Australian household sentiment continued to slide last week, after hitting a 22-month high in early November, with the latest ANZ-Roy Morgan consumer confidence index falling 1.5% to 112.8.
The decline, the third in a row, left the index fractionally above its long-run average of 112.7.
Having outperformed in recent months on the back of Malcolm Turnbull replacing Tony Abbott as prime minister, sentiment towards the economic outlook continued to soften, both over the short and longer term.
The subindex on economic conditions in the next 5 years fell 3%, taking its three-week decline to 7.3%, while the subindex on economic conditions over the next 12 months fell by a larger 3.4%.
Elsewhere perceptions towards family finances from a year earlier skidded 5.1%, more than mitigating a 1.5% improvement in the outlook for the 12 months ahead. Perceptions on whether now was a good time to buy a major household item rose 1.6%.
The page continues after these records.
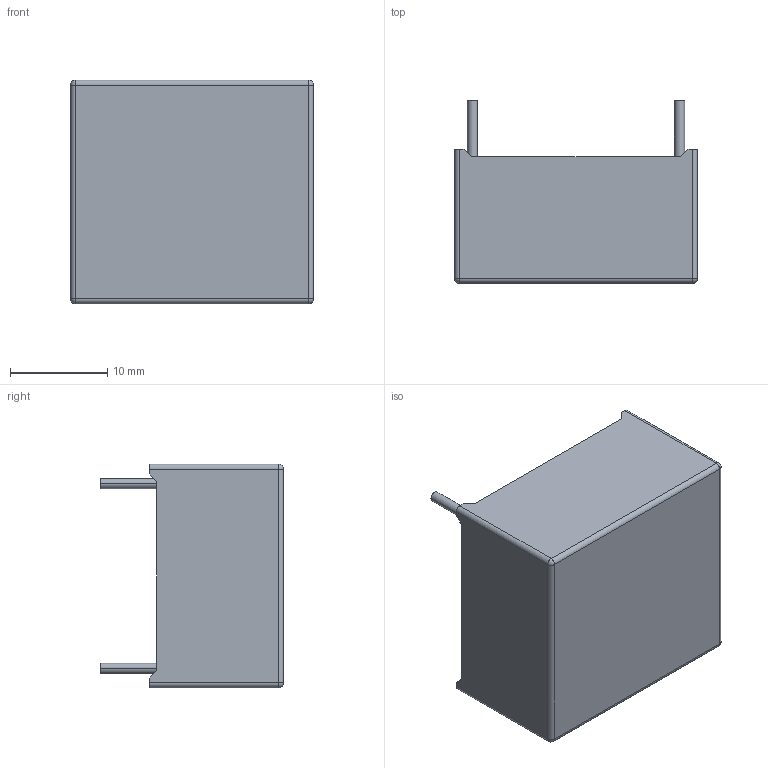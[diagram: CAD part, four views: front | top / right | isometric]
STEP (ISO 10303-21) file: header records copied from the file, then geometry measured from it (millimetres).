
FILE_DESCRIPTION((''),'2;1');
FILE_NAME('TFMOV20S621L-IT-5-001','2020-08-11T',('SET-01114'),(''),'PRO/ENGINEER BY PARAMETRIC TECHNOLOGY CORPORATION, 2012310','PRO/ENGINEER BY PARAMETRIC TECHNOLOGY CORPORATION, 2012310','');
FILE_SCHEMA(('CONFIG_CONTROL_DESIGN','SHAPE_APPEARANCE_LAYERS_GROUPS'));
Length unit declared in the file: millimetre
Products named in the file (1): TFMOV20S621L-IT-5-001
Bounding box: 25 x 18.8 x 23 mm (x, y, z)
Volume: 2187.6 mm3; surface area: 4353.7 mm2
Topology: 1 solids, 2 shells, 102 faces, 268 edges, 164 vertices
Faces by surface type: plane 58, cylinder 28, sphere 16
Entity records: 3116 total; most frequent: CARTESIAN_POINT 575, DIRECTION 528, ORIENTED_EDGE 504, EDGE_CURVE 252, AXIS2_PLACEMENT_3D 178, VECTOR 172, LINE 172, VERTEX_POINT 164
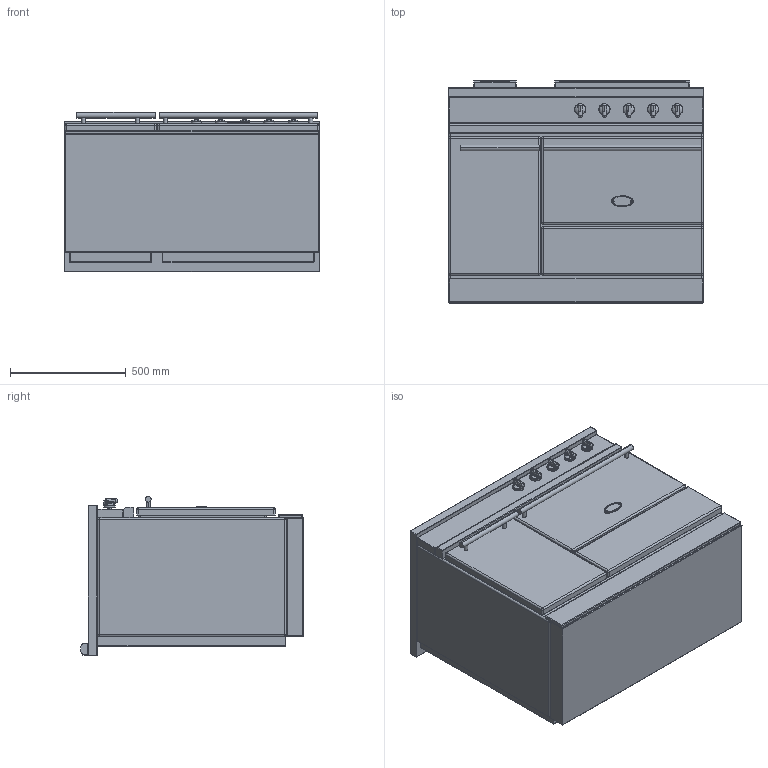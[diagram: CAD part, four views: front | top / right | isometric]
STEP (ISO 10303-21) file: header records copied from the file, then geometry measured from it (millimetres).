
FILE_DESCRIPTION((''),'2;1');
FILE_NAME('LMVTR1141_CHASSAGNE_ASM','2022-04-13T11:27:09',('stagiaire'),(''),'CREO PARAMETRIC BY PTC INC, 2021424','CREO PARAMETRIC BY PTC INC, 2021424','');
FILE_SCHEMA(('AP203_CONFIGURATION_CONTROLLED_3D_DESIGN_OF_MECHANICAL_PARTS_AND_ASSEMBLIES_MIM_LF { 1 0 10303 403 2 1 2 }'));
Products named in the file (13): BASE_EXP_CHASSAGNE_LMVTR1141; 65049009; 65650001; 65064012; 19150009; 88064012_ASM; BASE_EXPORT_CHASSAGNE_LMVTR1141_ASM; TABLE_1105G_INDUCTION_ET_VTR; 65052002; CHEMINEE_2020_LG182_EXPORT_STEP; CHEMINEE_2020_LG582_EXPORT_STEP; TABLE_1105G_VTR_ASM; LMVTR1141_CHASSAGNE_ASM
Assembly tree (16 placements, depth 4):
  LMVTR1141_CHASSAGNE_ASM
    BASE_EXPORT_CHASSAGNE_LMVTR1141_ASM
      BASE_EXP_CHASSAGNE_LMVTR1141
      65049009
      65650001
      88064012_ASM  x5
        65064012
        19150009
    TABLE_1105G_VTR_ASM
      TABLE_1105G_INDUCTION_ET_VTR
      65052002
      CHEMINEE_2020_LG182_EXPORT_STEP
      CHEMINEE_2020_LG582_EXPORT_STEP
Bounding box: 1105 x 963.5 x 688.5 mm (x, y, z)
Volume: 595666019.7 mm3; surface area: 9184457 mm2
Topology: 21 solids, 21 shells, 2230 faces, 6384 edges, 4049 vertices
Faces by surface type: cylinder 894, plane 872, sphere 200, bspline 178, torus 58, cone 26, extrusion 2
Entity records: 72249 total; most frequent: CARTESIAN_POINT 19480, ORIENTED_EDGE 9550, DIRECTION 9504, EDGE_CURVE 4775, VECTOR 3454, LINE 3452, VERTEX_POINT 3057, AXIS2_PLACEMENT_3D 3007
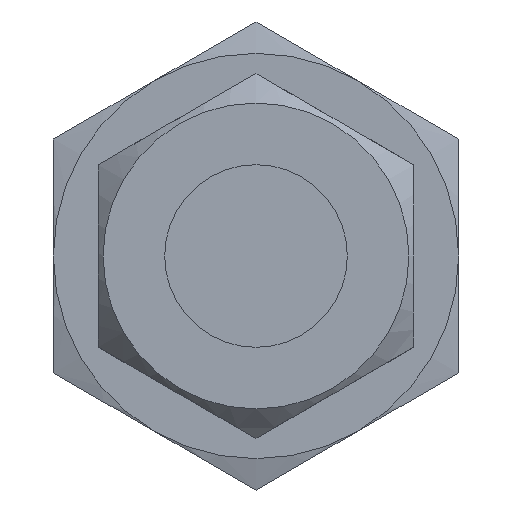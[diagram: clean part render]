
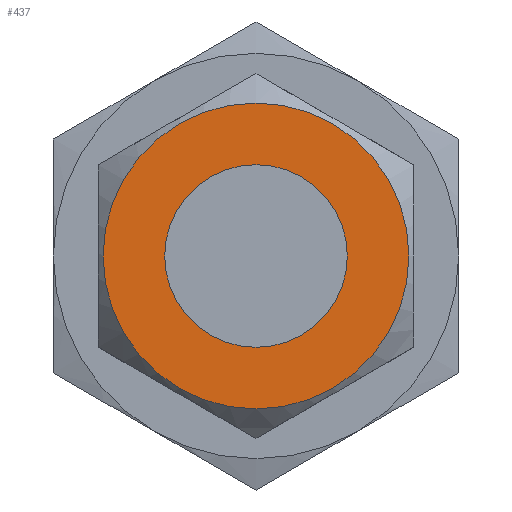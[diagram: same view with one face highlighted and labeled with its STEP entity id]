
A CAD part, left-side view. The second image highlights one B-rep face of the part: STEP entity #437.
In plain terms, the highlighted planar face has unit normal (-1, 0, 0).
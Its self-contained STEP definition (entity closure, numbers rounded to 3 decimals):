
#437 = ADVANCED_FACE( '', ( #1173, #1174 ), #1175, .T. );
#1173 = FACE_BOUND( '', #2202, .T. );
#1174 = FACE_OUTER_BOUND( '', #2203, .T. );
#1175 = PLANE( '', #2204 );
#2202 = EDGE_LOOP( '', ( #3703 ) );
#2203 = EDGE_LOOP( '', ( #3704 ) );
#2204 = AXIS2_PLACEMENT_3D( '', #3705, #3706, #3707 );
#3703 = ORIENTED_EDGE( '', *, *, #6095, .T. );
#3704 = ORIENTED_EDGE( '', *, *, #6096, .F. );
#3705 = CARTESIAN_POINT( '', ( -37.643, -10.912, 10.912 ) );
#3706 = DIRECTION( '', ( -1., 0., 0. ) );
#3707 = DIRECTION( '', ( 0., 1., 0. ) );
#6095 = EDGE_CURVE( '', #7241, #7241, #7242, .T. );
#6096 = EDGE_CURVE( '', #7243, #7243, #7244, .F. );
#7241 = VERTEX_POINT( '', #9201 );
#7242 = CIRCLE( '', #9202, 6.439 );
#7243 = VERTEX_POINT( '', #9203 );
#7244 = CIRCLE( '', #9204, 10.782 );
#9201 = CARTESIAN_POINT( '', ( -37.643, 0., 6.439 ) );
#9202 = AXIS2_PLACEMENT_3D( '', #11207, #11208, #11209 );
#9203 = CARTESIAN_POINT( '', ( -37.643, 0., -10.782 ) );
#9204 = AXIS2_PLACEMENT_3D( '', #11210, #11211, #11212 );
#11207 = CARTESIAN_POINT( '', ( -37.643, 0., 0. ) );
#11208 = DIRECTION( '', ( 1., 0., 0. ) );
#11209 = DIRECTION( '', ( 0., 0., 1. ) );
#11210 = CARTESIAN_POINT( '', ( -37.643, 0., 0. ) );
#11211 = DIRECTION( '', ( -1., 0., 0. ) );
#11212 = DIRECTION( '', ( 0., 1., 0. ) );
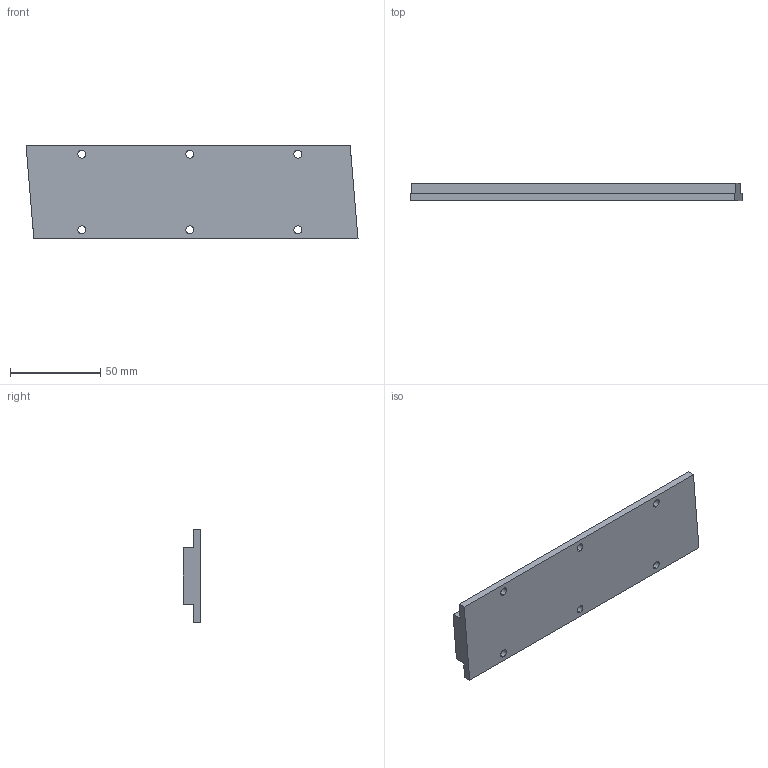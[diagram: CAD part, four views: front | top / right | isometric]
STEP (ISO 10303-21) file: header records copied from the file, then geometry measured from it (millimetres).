
FILE_DESCRIPTION (( 'STEP AP214' ), '1' );
FILE_NAME ('MK1-180隅赽.STEP', '2025-09-05T08:53:49', ( '' ), ( '' ), 'SwSTEP 2.0', 'SolidWorks 2016', '' );
FILE_SCHEMA (( 'AUTOMOTIVE_DESIGN' ));
Length unit declared in the file: millimetre
Products named in the file (1): MK1-180隅赽
Bounding box: 184.36 x 9.6 x 52 mm (x, y, z)
Volume: 68910.9 mm3; surface area: 23103.6 mm2
Topology: 1 solids, 1 shells, 62 faces, 174 edges, 116 vertices
Faces by surface type: plane 34, bspline 16, cylinder 12
Entity records: 2832 total; most frequent: CARTESIAN_POINT 1257, ORIENTED_EDGE 348, DIRECTION 260, EDGE_CURVE 174, VECTOR 118, LINE 118, VERTEX_POINT 116, EDGE_LOOP 76

According to Warren Hogan, chief economist at the ANZ, the slide in confidence levels suggests the honeymoon period for the Turnbull government may now be over.
Confidence has fallen for three consecutive weeks now, which may be an early sign that the honeymoon period for the Turnbull government is over. This turnaround in confidence has been mainly driven by a deterioration in consumers’ views towards the economic outlook.
Last week’s soft capex report highlights the challenges facing the non-mining economy. With news flow continuing to focus on the mixed conditions in the economy, it will be difficult to sustainably lift consumers’ views towards the economic outlook.
Ultimately, the labour market will continue to be a key factor driving both confidence and the RBA rates decision. As such, next week’s job advertisements will provide more indication on this front.
While strong labour market conditions will be helpful to help offset negative impacts from record-low wages growth, falling commodity prices and softer house prices, it is interesting to note that the recent decline in sentiment corresponded with the release of the red-hot October jobs report from the ABS in mid-November.
According to the ABS, the economy generated nearly 60,000 jobs leaving the unemployment rate sharply lower at 5.9%, dashing expectations for further near-term rate cuts from the RBA.
While other significant factors may have contributed to the recent decline in sentiment – the Paris terrorist attacks for one – the reduced likelihood for lower borrowing costs may be also weighing on sentiment, at least in the short term.